Are Pakistani High Flyers a good bird to start out with. There is a guy that might be willing to sell me a pair and i really do like the look of them. But the thing that's putting me off is some people say they don't kit and like to fly alone is this true.


----------



## naresh j

yes thats true, they dont kit, they fly alone. it depends on you if you like them or not, they fly very high and for hours. if you want birds that fly in kit, you can buy tipplers.


----------



## donkey

Thanks for the reply. That must look really strange. Like you let 20 birds out and there flying all over the place like that.


----------



## naresh j

Yes, but that looks really beautiful... they fill up the skies. To start with a breed, you should choose according to your environment. High flyers keep circling above your home for hours and that too alone so they are more prone to falcon attacks.


----------



## donkey

Where i live we really don't have much of a problem with falcon attacks.But as you say maybe Tipplers might be better for me.
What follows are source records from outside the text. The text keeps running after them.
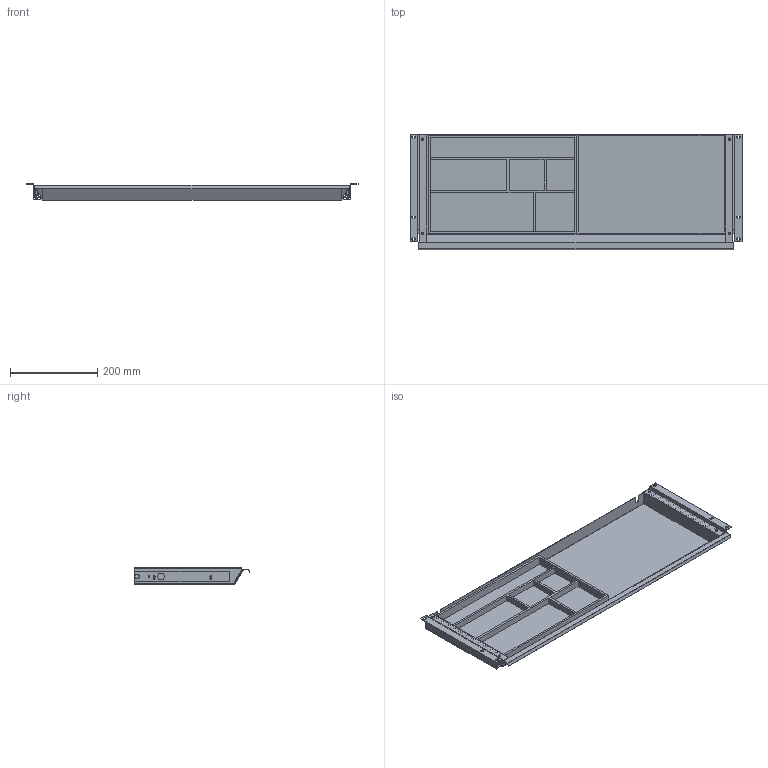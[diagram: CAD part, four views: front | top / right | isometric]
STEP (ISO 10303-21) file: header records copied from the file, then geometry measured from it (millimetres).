
FILE_DESCRIPTION( ( 'STEP AP214' ), '1' );
FILE_NAME( 'C:/Users/KOSH/Desktop/New folder/9309822.stp', '2022-01-27T11:19:34', ( '' ), ( '' ), ' ', 'PARTsolutions', ' ' );
FILE_SCHEMA( ( 'AUTOMOTIVE_DESIGN { 1 0 10303 214 1 1 1 1 }' ) );
Length unit declared in the file: millimetre
Products named in the file (12): 9309822; _outer sheet_21; _ka1_7; _ka2_15; _ka3_11; _tray_26; _outer sheet_r_22; _ka1_r_10; _ka2_r_18; _ka3_r_14; _tray_1_27; _tray_2_28
Assembly tree (11 placements, depth 2):
  9309822
    _outer sheet_21
    _ka1_7
    _ka2_15
    _ka3_11
    _tray_26
    _outer sheet_r_22
    _ka1_r_10
    _ka2_r_18
    _ka3_r_14
    _tray_1_27
    _tray_2_28
Bounding box: 759.6 x 264.47 x 38.4 mm (x, y, z)
Volume: 990901.8 mm3; surface area: 1035531.1 mm2
Topology: 11 solids, 11 shells, 368 faces, 1018 edges, 684 vertices
Faces by surface type: plane 286, cylinder 82
Full cylindrical faces by diameter (mm): 3.5 x10, 4.5 x4, 5.2 x4, 5.5 x4, 5.9 x2, 10 x2, 15.5 x2
Entity records: 14614 total; most frequent: CARTESIAN_POINT 2010, ORIENTED_EDGE 1936, DIRECTION 1892, EDGE_CURVE 968, LINE 804, VECTOR 804, VERTEX_POINT 662, AXIS2_PLACEMENT_3D 544

I'm going to try and find some you tube videos on Pakistani High Flyers and see what they look like when they fly.


----------



## donkey

Just found this video and to me that looks like there flying in a kit

https://www.youtube.com/watch?v=L60a5XMUmHY


----------



## naresh j

There are pakistani tipplers as well. pigeons in that video are flying very low and in kit so they can be pakistani tipplers. 
In this video you can see high flyers from pakistan, they are so many in number but still they are flying alone. You can see the distance they maintained while flying and all birds are flying in different directions.
https://m.youtube.com/watch?v=aA0jF1gHLco


----------



## donkey

Thanks. I think i like the look of them Pakistani tipplers better. I'm not sure what kind the guy is selling now so i will have to find out more about what hes selling.


----------



## donkey

Also found another guy selling some Iranian High Flyers. They look really nice as well and seem to fly in a kit


----------



## naresh j

yes they are good too, and you can get more timing from them. i read they fly for upto 15 hours.


----------